Senyum di wajahnya kini kembali digantikan oleh wajah murung. Tak ada lagi senyum seperti beberapa menit yang lalu. Saat ini Kana menekuk bibirnya tanpa ragu. Ia merasa sangat kesal. Andai saja ia tidak menunggu cowok itu datang, mungkin ia tidak akan terjebak macet seperti ini. Kana melirik arloji sekilas, waktu terasa sangat membencinya. Ia melihat waktu sudah menunjukan pukul 06.45 WIB. Ia memejamkan kedua matanya dengan panik. Jika harus menunggu sampai macet itu kembali lancar, mungkin ia akan tiba di sekolah pukul 9 siang.
"Pak," panggil Kana pada sopir yang duduk di depannya.
Sopir itu menoleh ke arah Kana. "Ada apa?"
Kana memasukan tangan ke saku seragamnya, lalu ia memberikan selembar uang 2.000 rupiah kepada sopir tersebut. Tanpa berlama-lama, ia segera keluar dari angkutan umum tersebut tanpa menghiraukan sang sopir yang memanggilnya.
"Neng, uangnya kurang!" teriak sopir tersebut.
Kana sama sekali tak peduli. Ia terus berlari menyebrangi jalan yang sedang macet. Jika ia bia terus berlari tanpa henti, ia akan tiba di sekolah pukul 06.55 WIB. Tapi kalau dia berhenti sebentar, mungkin ia akan tiba pukul 07.01 WIB. Ia sudah terlalu sering memperhitungkan perjalanannya.
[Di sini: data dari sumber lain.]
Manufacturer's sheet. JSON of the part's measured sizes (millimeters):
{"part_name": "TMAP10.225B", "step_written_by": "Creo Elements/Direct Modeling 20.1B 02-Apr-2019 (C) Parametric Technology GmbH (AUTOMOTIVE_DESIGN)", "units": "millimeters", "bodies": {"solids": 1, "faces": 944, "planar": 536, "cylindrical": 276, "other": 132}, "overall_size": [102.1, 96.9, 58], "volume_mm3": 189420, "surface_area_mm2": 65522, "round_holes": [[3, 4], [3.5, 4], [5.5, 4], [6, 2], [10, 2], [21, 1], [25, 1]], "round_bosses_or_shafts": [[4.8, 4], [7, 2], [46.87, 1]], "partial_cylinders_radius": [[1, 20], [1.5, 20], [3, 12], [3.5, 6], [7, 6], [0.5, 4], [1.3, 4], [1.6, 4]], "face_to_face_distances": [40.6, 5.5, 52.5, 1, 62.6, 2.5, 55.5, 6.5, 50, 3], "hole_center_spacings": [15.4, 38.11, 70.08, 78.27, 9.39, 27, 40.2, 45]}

Walau dengan nafas terengah-engah, Kana tetap melanjutkan pelariannya menuju gerbang yang sudah ada di depan matanya. Ia tersenyum lebar saat melihat gerbang itu masih terbuka lebar. Ia berhasil masuk ke lingkungan sekolah tepat pukul 07.00 WIB, sungguh sebuah keberuntungan. Ia segera bergegas menuju kelasnya yang berada di lantai 2.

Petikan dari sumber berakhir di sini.